As games push the limits of gambling ratio addiction mechanics, social and psychological coercion, sunk cost fallacy, and a host of other tactics as best exemplified by pay to win games made by machine zone aand others,
Games are getting definitively worse. You are a revenue stream, not a customer or a person to app Al to in any way but the most lazy and base ways possible.
Each successive graphic generation places additional production cost to build models and world's, arguably to the artistic detriment of any game: first, since there is so much labor, corners are cut and artistic vision can't be applied everywhere to an army of graphic artists, many outsourced. Second, the overall production costs, much like movie production, makes producers conservative and cookie cutter in pursuit of a reliable return on investment.
The emulation community is preserving not just games, but an entirely different culture of gaming.
Perhaps AI can help with better mass generation of artistic assets, but really an AI is a mass averager of it's inputs: artistic vision is fundamentally a deviation from a norm, and large AI models are anything but
for better or for worse, gaming has gone mainstream. there are now a lot of dollars chasing easy wins. even a computer graphics enthusiast, it is really sad to see that they have optimized for incredible rendering pipelines and utterly forgettable assets, mechanics, and stories.
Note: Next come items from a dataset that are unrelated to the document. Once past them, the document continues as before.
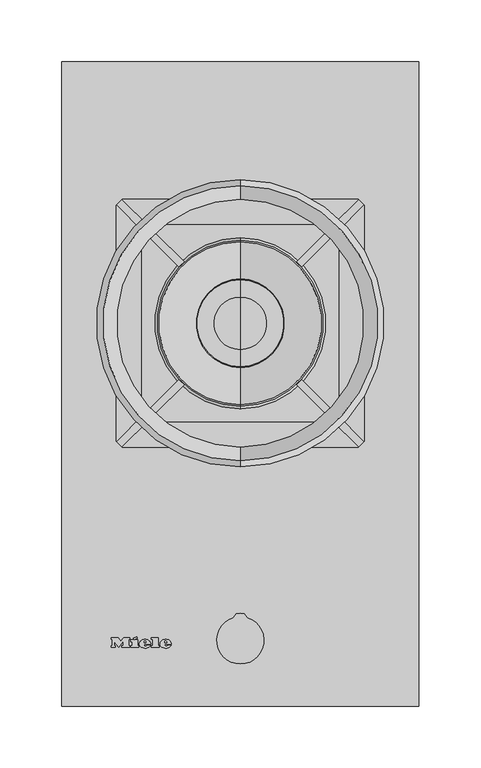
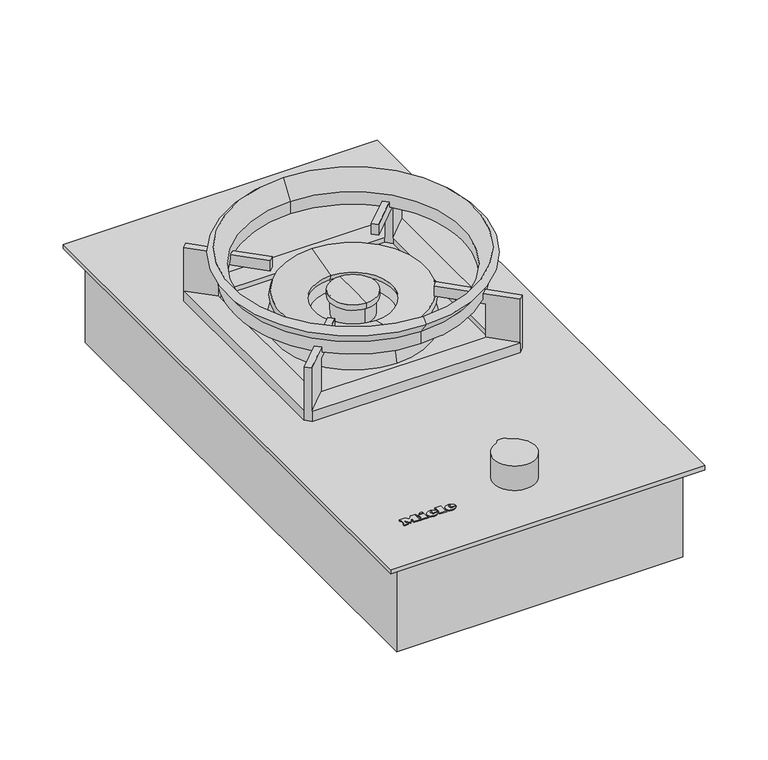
"""IFC4 building model written with IfcOpenShell, lengths in millimetres: proxy geometry, 12106150_HK_CS7151FL : 27715150_HK_12106150_CS7151FL."""

from ifc_helpers import new_model, si_unit, point, frame, frame_2d, origin, origin_with_axes, place, context, project, spatial, polyline, circle_curve, ellipse_curve, trimmed, segment, composite_curve, outline, extrude, source, transform, mapped, element, save
from ifc_brep_helpers import plane_surface, cylinder_surface, revolved_surface, extruded_surface, advanced_brep


def specialty_equipment_dbccff51(model_context):
    return source(origin(), model_context, "Body", "SolidModel", [
        advanced_brep(
        [(-60.94, 49.1959995, 4.9919765), (-60.94, 50.0039992, 4.9925904), (-55.588, 50.0039992, 4.9925904), (-64.9, 50.0039992, 4.9925904), (-62.7, 47.3, 4.990536), (-55.724, 49.1959995, 4.9919765), (-58.14, 49.1959995, 4.9919765), (-60.044, 48.2999997, 4.9912958), (-60.94, 51.0279989, 4.9933684), (-60.94, 51.8999987, 4.9940309), (-59.572, 51.8999987, 4.9940309), (-59.572, 51.0279989, 4.9933684), (-60.94, 49.1967592, 3.9919768), (-60.044, 48.3007595, 3.9912961), (-58.14, 49.1967592, 3.9919768), (-55.724, 49.1967592, 3.9919768), (-62.7, 47.3007598, 3.9905363), (-64.9, 50.004759, 3.9925907), (-55.588, 50.004759, 3.9925907), (-60.94, 50.004759, 3.9925907), (-60.94, 51.0287587, 3.9933687), (-59.572, 51.0287587, 3.9933687), (-59.572, 51.9007584, 3.9940312), (-60.94, 51.9007584, 3.9940312)],
        [
            (0, 1),
            (1, 2),
            (2, 3, ellipse_curve(frame((-60.244, 50.0039992, 4.9925904), z_axis=(0.0, -0.0007597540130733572, 0.9999997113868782), x_axis=(-1.0, 0.0, 0.0)), 4.656, 3.848)),
            (3, 4, circle_curve(frame((-61.8039564, 50.2759991, 4.9927971), z_axis=(0.0, -0.0007597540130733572, 0.9999997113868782), x_axis=(0.0, -0.9999997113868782, -0.0007597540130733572)), 3.1079688)),
            (4, 5, circle_curve(frame((-60.3372064, 52.3879985, 4.9944017), z_axis=(0.0, -0.0007597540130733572, 0.9999997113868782), x_axis=(0.0, -0.9999997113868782, -0.0007597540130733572)), 5.6098607)),
            (5, 6),
            (6, 7, circle_curve(frame((-59.6529412, 49.9399992, 4.9925418), z_axis=(0.0, 0.0007597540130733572, -0.9999997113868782), x_axis=(0.0, -0.9999997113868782, -0.0007597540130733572)), 1.6859795)),
            (7, 0, circle_curve(frame((-60.044, 49.1959995, 4.9919765), z_axis=(0.0, 0.0007597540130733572, -0.9999997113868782), x_axis=(0.0, -0.9999997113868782, -0.0007597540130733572)), 0.896)),
            (8, 9),
            (9, 10, circle_curve(frame((-60.256, 51.8999987, 4.9940309), z_axis=(0.0, 0.0007597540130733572, -0.9999997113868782), x_axis=(0.0, -0.9999997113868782, -0.0007597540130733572)), 0.684)),
            (10, 11),
            (11, 8),
            (12, 13, circle_curve(frame((-60.044, 49.1967592, 3.9919768), z_axis=(0.0, -0.0007597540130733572, 0.9999997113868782), x_axis=(0.0, -0.9999997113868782, -0.0007597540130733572)), 0.896)),
            (13, 14, circle_curve(frame((-59.6529412, 49.940759, 3.9925421), z_axis=(0.0, -0.0007597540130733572, 0.9999997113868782), x_axis=(0.0, -0.9999997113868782, -0.0007597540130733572)), 1.6859795)),
            (14, 15),
            (15, 16, circle_curve(frame((-60.3372064, 52.3887583, 3.994402), z_axis=(0.0, 0.0007597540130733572, -0.9999997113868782), x_axis=(0.0, -0.9999997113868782, -0.0007597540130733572)), 5.6098607)),
            (16, 17, circle_curve(frame((-61.8039564, 50.2767589, 3.9927974), z_axis=(0.0, 0.0007597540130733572, -0.9999997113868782), x_axis=(0.0, -0.9999997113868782, -0.0007597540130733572)), 3.1079688)),
            (17, 18, ellipse_curve(frame((-60.244, 50.004759, 3.9925907), z_axis=(0.0, 0.0007597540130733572, -0.9999997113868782), x_axis=(-1.0, 0.0, 0.0)), 4.656, 3.848)),
            (18, 19),
            (19, 12),
            (20, 21),
            (21, 22),
            (22, 23, circle_curve(frame((-60.256, 51.9007584, 3.9940312), z_axis=(0.0, -0.0007597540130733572, 0.9999997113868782), x_axis=(0.0, -0.9999997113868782, -0.0007597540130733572)), 0.684)),
            (23, 20),
            (0, 12),
            (19, 1),
            (18, 2),
            (5, 15),
            (14, 6),
            (17, 3),
            (13, 7),
            (16, 4),
            (8, 20),
            (23, 9),
            (22, 10),
            (21, 11),
        ],
        [
            plane_surface(frame((-60.94, 50.0039992, 4.9925904), z_axis=(0.0, -0.0007597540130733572, 0.9999997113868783), x_axis=(0.0, 0.9999997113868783, 0.0007597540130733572))),
            plane_surface(frame((-60.94, 50.004759, 3.9925907), z_axis=(0.0, 0.0007597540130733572, -0.9999997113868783), x_axis=(0.0, -0.9999997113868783, -0.0007597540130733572))),
            plane_surface(frame((-60.94, 49.1959995, 4.9919765), z_axis=(1.0, 0.0, 0.0), x_axis=(0.0, 0.0007597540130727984, -0.9999997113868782))),
            plane_surface(frame((-60.94, 50.0039992, 4.9925904), z_axis=(0.0, -0.9999997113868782, -0.0007597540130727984), x_axis=(0.0, 0.0007597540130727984, -0.9999997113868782))),
            plane_surface(frame((-55.724, 49.1959995, 4.9919765), z_axis=(0.0, 0.9999997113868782, 0.0007597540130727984), x_axis=(0.0, 0.0007597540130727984, -0.9999997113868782))),
            extruded_surface(trimmed(ellipse_curve(frame((-60.244, 50.0055187, 2.992591), z_axis=(0.0, -0.0007597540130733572, 0.9999997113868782), x_axis=(-1.0, 0.0, 0.0)), 4.656, 3.848), [point((-55.588, 50.0055187, 2.992591))], [point((-64.9, 50.0055187, 2.992591))], True, "CARTESIAN"), (0.0, -0.0007597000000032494, 0.9999997), 0.9999999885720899),
            revolved_surface(polyline([(-59.6529412, 48.25477998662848, 3.9912611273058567), (-59.6529412, 48.25402023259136, 4.991260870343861)]), (-59.6529412, 49.940759, 3.9925421), (0.0, 0.0007597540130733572, -0.9999997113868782)),
            revolved_surface(polyline([(-60.044, 48.30075945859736, 3.9912960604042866), (-60.044, 48.29999970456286, 4.991295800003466)]), (-60.044, 49.1967592, 3.9919768), (0.0, 0.0007597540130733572, -0.9999997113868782)),
            cylinder_surface(frame((-61.8039564, 50.2767589, 3.9927974), z_axis=(0.0, -0.0007597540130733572, 0.9999997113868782), x_axis=(0.0, -0.9999997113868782, -0.0007597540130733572)), 3.1079688),
            cylinder_surface(frame((-60.3372064, 52.3887583, 3.994402), z_axis=(0.0, -0.0007597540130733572, 0.9999997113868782), x_axis=(0.0, -0.9999997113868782, -0.0007597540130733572)), 5.6098607),
            plane_surface(frame((-60.94, 51.0279989, 4.9933684), z_axis=(1.0, 0.0, 0.0), x_axis=(0.0, 0.0007597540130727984, -0.9999997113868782))),
            revolved_surface(polyline([(-60.256, 51.21675859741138, 3.9935115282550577), (-60.256, 51.215998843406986, 4.993511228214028)]), (-60.256, 51.9007584, 3.9940312), (0.0, 0.0007597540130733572, -0.9999997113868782)),
            plane_surface(frame((-59.572, 51.8999987, 4.9940309), z_axis=(-1.0, 0.0, 0.0), x_axis=(0.0, 0.0007597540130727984, -0.9999997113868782))),
            plane_surface(frame((-59.572, 51.0279989, 4.9933684), z_axis=(0.0, 0.9999997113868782, 0.0007597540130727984), x_axis=(0.0, 0.0007597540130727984, -0.9999997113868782))),
        ],
        [
            (0, [[1, 2, 3, 4, 5, 6, 7, 8], [9, 10, 11, 12]]),
            (1, [[13, 14, 15, 16, 17, 18, 19, 20], [21, 22, 23, 24]]),
            (2, [[-1, 25, -20, 26]]),
            (3, [[-2, -26, -19, 27]]),
            (4, [[-6, 28, -15, 29]]),
            (5, [[-3, -27, -18, 30]]),
            (6, [[-7, -29, -14, 31]]),
            (7, [[-8, -31, -13, -25]]),
            (8, [[-4, -30, -17, 32]]),
            (9, [[-5, -32, -16, -28]]),
            (10, [[-9, 33, -24, 34]]),
            (11, [[-10, -34, -23, 35]]),
            (12, [[-11, -35, -22, 36]]),
            (13, [[-12, -36, -21, -33]]),
        ],
    ),
        advanced_brep(
        [(-77.636, 49.1959995, 4.9919765), (-77.636, 50.0039992, 4.9925904), (-72.284, 50.0039992, 4.9925904), (-81.596, 50.0039992, 4.9925904), (-79.396, 47.3, 4.990536), (-72.42, 49.1959995, 4.9919765), (-74.836, 49.1959995, 4.9919765), (-76.74, 48.2999997, 4.9912958), (-77.636, 51.0279989, 4.9933684), (-77.636, 51.8999987, 4.9940309), (-76.268, 51.8999987, 4.9940309), (-76.268, 51.0279989, 4.9933684), (-77.636, 49.1967592, 3.9919768), (-76.74, 48.3007595, 3.9912961), (-74.836, 49.1967592, 3.9919768), (-72.42, 49.1967592, 3.9919768), (-79.396, 47.3007598, 3.9905363), (-81.596, 50.004759, 3.9925907), (-72.284, 50.004759, 3.9925907), (-77.636, 50.004759, 3.9925907), (-77.636, 51.0287587, 3.9933687), (-76.268, 51.0287587, 3.9933687), (-76.268, 51.9007584, 3.9940312), (-77.636, 51.9007584, 3.9940312)],
        [
            (0, 1),
            (1, 2),
            (2, 3, ellipse_curve(frame((-76.94, 50.0039992, 4.9925904), z_axis=(0.0, -0.0007597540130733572, 0.9999997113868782), x_axis=(-1.0, 0.0, 0.0)), 4.656, 3.848)),
            (3, 4, circle_curve(frame((-78.4999564, 50.2759991, 4.9927971), z_axis=(0.0, -0.0007597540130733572, 0.9999997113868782), x_axis=(0.0, -0.9999997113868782, -0.0007597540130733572)), 3.1079688)),
            (4, 5, circle_curve(frame((-77.0332064, 52.3879985, 4.9944017), z_axis=(0.0, -0.0007597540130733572, 0.9999997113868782), x_axis=(0.0, -0.9999997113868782, -0.0007597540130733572)), 5.6098607)),
            (5, 6),
            (6, 7, circle_curve(frame((-76.3489412, 49.9399992, 4.9925418), z_axis=(0.0, 0.0007597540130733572, -0.9999997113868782), x_axis=(0.0, -0.9999997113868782, -0.0007597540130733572)), 1.6859795)),
            (7, 0, circle_curve(frame((-76.74, 49.1959995, 4.9919765), z_axis=(0.0, 0.0007597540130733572, -0.9999997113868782), x_axis=(0.0, -0.9999997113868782, -0.0007597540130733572)), 0.896)),
            (8, 9),
            (9, 10, circle_curve(frame((-76.952, 51.8999987, 4.9940309), z_axis=(0.0, 0.0007597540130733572, -0.9999997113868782), x_axis=(0.0, -0.9999997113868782, -0.0007597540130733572)), 0.684)),
            (10, 11),
            (11, 8),
            (12, 13, circle_curve(frame((-76.74, 49.1967592, 3.9919768), z_axis=(0.0, -0.0007597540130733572, 0.9999997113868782), x_axis=(0.0, -0.9999997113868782, -0.0007597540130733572)), 0.896)),
            (13, 14, circle_curve(frame((-76.3489412, 49.940759, 3.9925421), z_axis=(0.0, -0.0007597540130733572, 0.9999997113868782), x_axis=(0.0, -0.9999997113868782, -0.0007597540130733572)), 1.6859795)),
            (14, 15),
            (15, 16, circle_curve(frame((-77.0332064, 52.3887583, 3.994402), z_axis=(0.0, 0.0007597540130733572, -0.9999997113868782), x_axis=(0.0, -0.9999997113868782, -0.0007597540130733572)), 5.6098607)),
            (16, 17, circle_curve(frame((-78.4999564, 50.2767589, 3.9927974), z_axis=(0.0, 0.0007597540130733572, -0.9999997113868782), x_axis=(0.0, -0.9999997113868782, -0.0007597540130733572)), 3.1079688)),
            (17, 18, ellipse_curve(frame((-76.94, 50.004759, 3.9925907), z_axis=(0.0, 0.0007597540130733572, -0.9999997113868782), x_axis=(-1.0, 0.0, 0.0)), 4.656, 3.848)),
            (18, 19),
            (19, 12),
            (20, 21),
            (21, 22),
            (22, 23, circle_curve(frame((-76.952, 51.9007584, 3.9940312), z_axis=(0.0, -0.0007597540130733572, 0.9999997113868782), x_axis=(0.0, -0.9999997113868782, -0.0007597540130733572)), 0.684)),
            (23, 20),
            (0, 12),
            (19, 1),
            (18, 2),
            (5, 15),
            (14, 6),
            (17, 3),
            (13, 7),
            (16, 4),
            (8, 20),
            (23, 9),
            (22, 10),
            (21, 11),
        ],
        [
            plane_surface(frame((-77.636, 50.0039992, 4.9925904), z_axis=(0.0, -0.0007597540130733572, 0.9999997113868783), x_axis=(0.0, 0.9999997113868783, 0.0007597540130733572))),
            plane_surface(frame((-77.636, 50.004759, 3.9925907), z_axis=(0.0, 0.0007597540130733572, -0.9999997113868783), x_axis=(0.0, -0.9999997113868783, -0.0007597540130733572))),
            plane_surface(frame((-77.636, 49.1959995, 4.9919765), z_axis=(1.0, 0.0, 0.0), x_axis=(0.0, 0.0007597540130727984, -0.9999997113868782))),
            plane_surface(frame((-77.636, 50.0039992, 4.9925904), z_axis=(0.0, -0.9999997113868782, -0.0007597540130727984), x_axis=(0.0, 0.0007597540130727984, -0.9999997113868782))),
            plane_surface(frame((-72.42, 49.1959995, 4.9919765), z_axis=(0.0, 0.9999997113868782, 0.0007597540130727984), x_axis=(0.0, 0.0007597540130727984, -0.9999997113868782))),
            extruded_surface(trimmed(ellipse_curve(frame((-76.94, 50.0055187, 2.992591), z_axis=(0.0, -0.0007597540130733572, 0.9999997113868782), x_axis=(-1.0, 0.0, 0.0)), 4.656, 3.848), [point((-72.284, 50.0055187, 2.992591))], [point((-81.596, 50.0055187, 2.992591))], True, "CARTESIAN"), (0.0, -0.0007597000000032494, 0.9999997), 0.9999999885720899),
            revolved_surface(polyline([(-76.3489412, 48.25477998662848, 3.9912611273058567), (-76.3489412, 48.25402023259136, 4.991260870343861)]), (-76.3489412, 49.940759, 3.9925421), (0.0, 0.0007597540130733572, -0.9999997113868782)),
            revolved_surface(polyline([(-76.74, 48.30075945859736, 3.9912960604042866), (-76.74, 48.29999970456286, 4.991295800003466)]), (-76.74, 49.1967592, 3.9919768), (0.0, 0.0007597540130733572, -0.9999997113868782)),
            cylinder_surface(frame((-78.4999564, 50.2767589, 3.9927974), z_axis=(0.0, -0.0007597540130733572, 0.9999997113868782), x_axis=(0.0, -0.9999997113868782, -0.0007597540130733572)), 3.1079688),
            cylinder_surface(frame((-77.0332064, 52.3887583, 3.994402), z_axis=(0.0, -0.0007597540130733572, 0.9999997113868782), x_axis=(0.0, -0.9999997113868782, -0.0007597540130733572)), 5.6098607),
            plane_surface(frame((-77.636, 51.0279989, 4.9933684), z_axis=(1.0, 0.0, 0.0), x_axis=(0.0, 0.0007597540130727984, -0.9999997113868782))),
            revolved_surface(polyline([(-76.952, 51.21675859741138, 3.9935115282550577), (-76.952, 51.215998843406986, 4.993511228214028)]), (-76.952, 51.9007584, 3.9940312), (0.0, 0.0007597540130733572, -0.9999997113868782)),
            plane_surface(frame((-76.268, 51.8999987, 4.9940309), z_axis=(-1.0, 0.0, 0.0), x_axis=(0.0, 0.0007597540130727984, -0.9999997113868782))),
            plane_surface(frame((-76.268, 51.0279989, 4.9933684), z_axis=(0.0, 0.9999997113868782, 0.0007597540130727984), x_axis=(0.0, 0.0007597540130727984, -0.9999997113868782))),
        ],
        [
            (0, [[1, 2, 3, 4, 5, 6, 7, 8], [9, 10, 11, 12]]),
            (1, [[13, 14, 15, 16, 17, 18, 19, 20], [21, 22, 23, 24]]),
            (2, [[-1, 25, -20, 26]]),
            (3, [[-2, -26, -19, 27]]),
            (4, [[-6, 28, -15, 29]]),
            (5, [[-3, -27, -18, 30]]),
            (6, [[-7, -29, -14, 31]]),
            (7, [[-8, -31, -13, -25]]),
            (8, [[-4, -30, -17, 32]]),
            (9, [[-5, -32, -16, -28]]),
            (10, [[-9, 33, -24, 34]]),
            (11, [[-10, -34, -23, 35]]),
            (12, [[-11, -35, -22, 36]]),
            (13, [[-12, -36, -21, -33]]),
        ],
    ),
        extrude(outline(polyline([(0.0, 0.0), (-0.0109086, -2.9993294), (-1.4390415, -2.9920868), (-1.4315306, 0.0), (0.0, 0.0)])), frame((-86.38, 54.8287576, 3.9962558), z_axis=(0.0, -0.0007597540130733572, 0.9999997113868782), x_axis=(-0.42472021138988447, 0.9053243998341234, 0.0006878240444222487)), (0.0, 0.0, 1.0), 1.0),
        extrude(outline(polyline([(-0.4933908, 2.4141097), (-2.7800844, -2.4601583), (-7.0459742, -0.4588767), (-7.4401145, -1.2990179), (-8.6568709, -0.728194), (-5.9760369, 4.9862153), (-4.7592806, 4.4153913), (-5.1636142, 3.5535222), (-2.1941494, 2.16044), (-1.7898157, 3.022309), (-0.4933908, 2.4141097)])), frame((-86.38, 54.8287576, 3.9962558), z_axis=(0.0, -0.0007597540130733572, 0.9999997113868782), x_axis=(-0.42472021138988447, 0.9053243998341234, 0.0006878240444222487)), (0.0, 0.0, 1.0), 1.0),
        extrude(outline(polyline([(0.0, 0.0), (0.0, -1.304), (-5.504, -1.304), (-5.504, 5.3519999), (-6.488, 5.3519999), (-6.488, 6.6959999), (0.0, 6.6959999), (0.0, 5.3519999), (-0.96, 5.3519999), (-0.96, 0.0), (0.0, 0.0)])), frame((-71.836, 53.9967578, 3.9956236), z_axis=(0.0, -0.0007597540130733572, 0.9999997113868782), x_axis=(-1.0, 0.0, 0.0)), (0.0, 0.0, 1.0), 1.0),
        extrude(outline(polyline([(0.0, 0.0), (0.0, -1.304), (-5.576, -1.304), (-7.92, 1.696), (-10.256, -1.304), (-15.128, -1.304), (-15.128, 0.0), (-14.112, 0.0), (-14.112, 5.3519999), (-15.128, 5.3519999), (-15.128, 6.6959999), (-8.744, 6.6959999), (-8.744, 5.3519999), (-9.728, 5.3519999), (-9.728, 1.8807776), (-6.136, 6.6959999), (-2.56, 1.9488753), (-2.56, 5.3519999), (-3.52, 5.3519999), (-3.52, 6.6959999), (0.0, 6.6959999), (0.0, 5.3519999), (-0.968, 5.3519999), (-0.968, 0.0), (0.0, 0.0)])), frame((-104.3, 53.9967578, 3.9956236), z_axis=(0.0, -0.0007597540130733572, 0.9999997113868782), x_axis=(-1.0, 0.0, 0.0)), (0.0, 0.0, 1.0), 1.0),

but if you rewind your render quality expectations by about ten years, there are still great games being made for way under $100mm. I'll plug two of my current favorites:
* factorio ($20). if you don't already know what it is, I can't really summarize it here. the entire team is < 10 people, but it's rare example of engineering excellence combined with a carefully curated user experience. I try to get all the devs and PMs I work with to read their blog.
* zero k (free). a bit more wacky, but one of the best rts of all time. they also have an interesting dev blog, and for a nice cherry on top, it's open source. some feature requests on the forums get the reply "great idea, I look forward to your PR", which I find pretty funny.